▸ **Exercise goal**:
Your answer should be the full data, transcribed exactly, with no pictures in it.

▸ **Given data**:

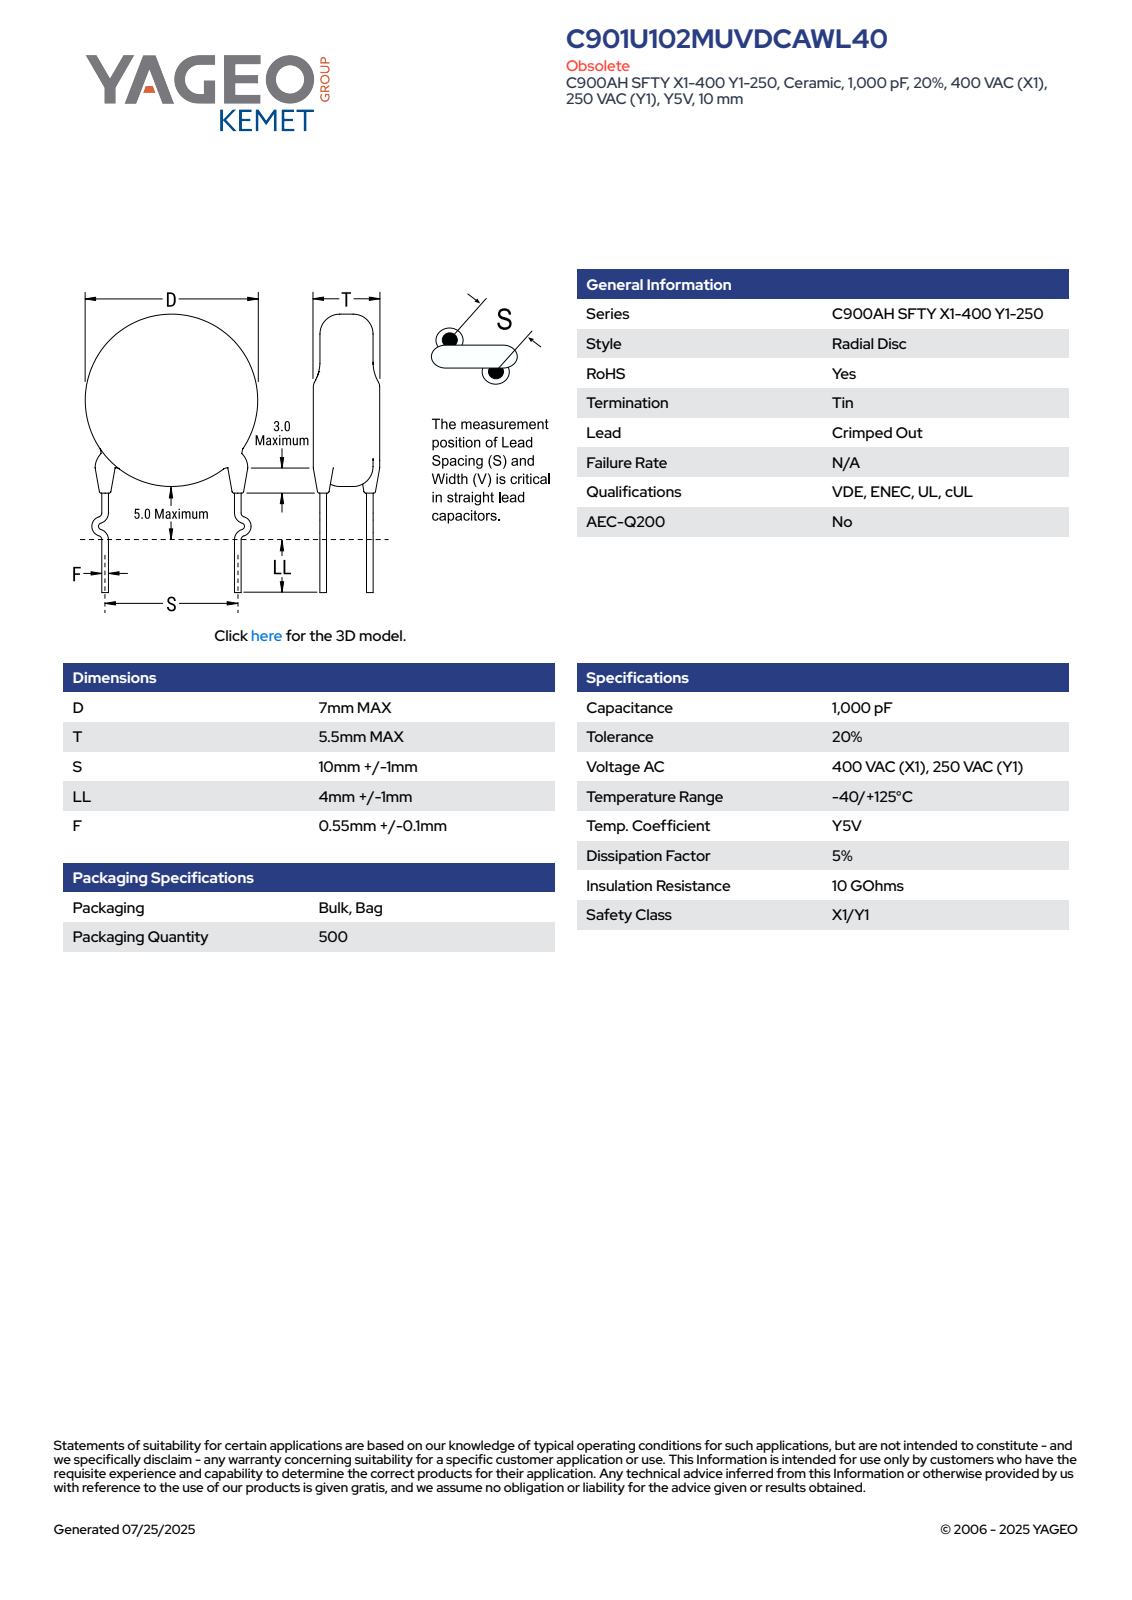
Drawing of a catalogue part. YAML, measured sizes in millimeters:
part_name: "CCD_KCOC900_D7T5.5S10LL5F0.55"
step_written_by: "SolidWorks 2014 (AUTOMOTIVE_DESIGN)"
units: millimeters
bodies: {solids: 4, faces: 93, planar: 63, cylindrical: 10, other: 20}
overall_size: [17, 13.59, 7.28]
volume: 218
surface_area: 255
round_bosses_or_shafts:
  - {diameter: 1.2, count: 4}
  - {diameter: 7, count: 1}
face_to_face_distances: [5.5, 0.73, 3.87, 3.14, 0.59, 0.32, 2.97, 1.5, 2.16, 2.24]

▸ **Written answer**:
Drawing of a catalogue part. YAML, measured sizes in millimeters:
part_name: "CCD_KCOC900_D7T5.5S10LL5F0.55"
step_written_by: "SolidWorks 2014 (AUTOMOTIVE_DESIGN)"
units: millimeters
bodies: {solids: 4, faces: 93, planar: 63, cylindrical: 10, other: 20}
overall_size: [17, 13.59, 7.28]
volume: 218
surface_area: 255
round_bosses_or_shafts:
  - {diameter: 1.2, count: 4}
  - {diameter: 7, count: 1}
face_to_face_distances: [5.5, 0.73, 3.87, 3.14, 0.59, 0.32, 2.97, 1.5, 2.16, 2.24]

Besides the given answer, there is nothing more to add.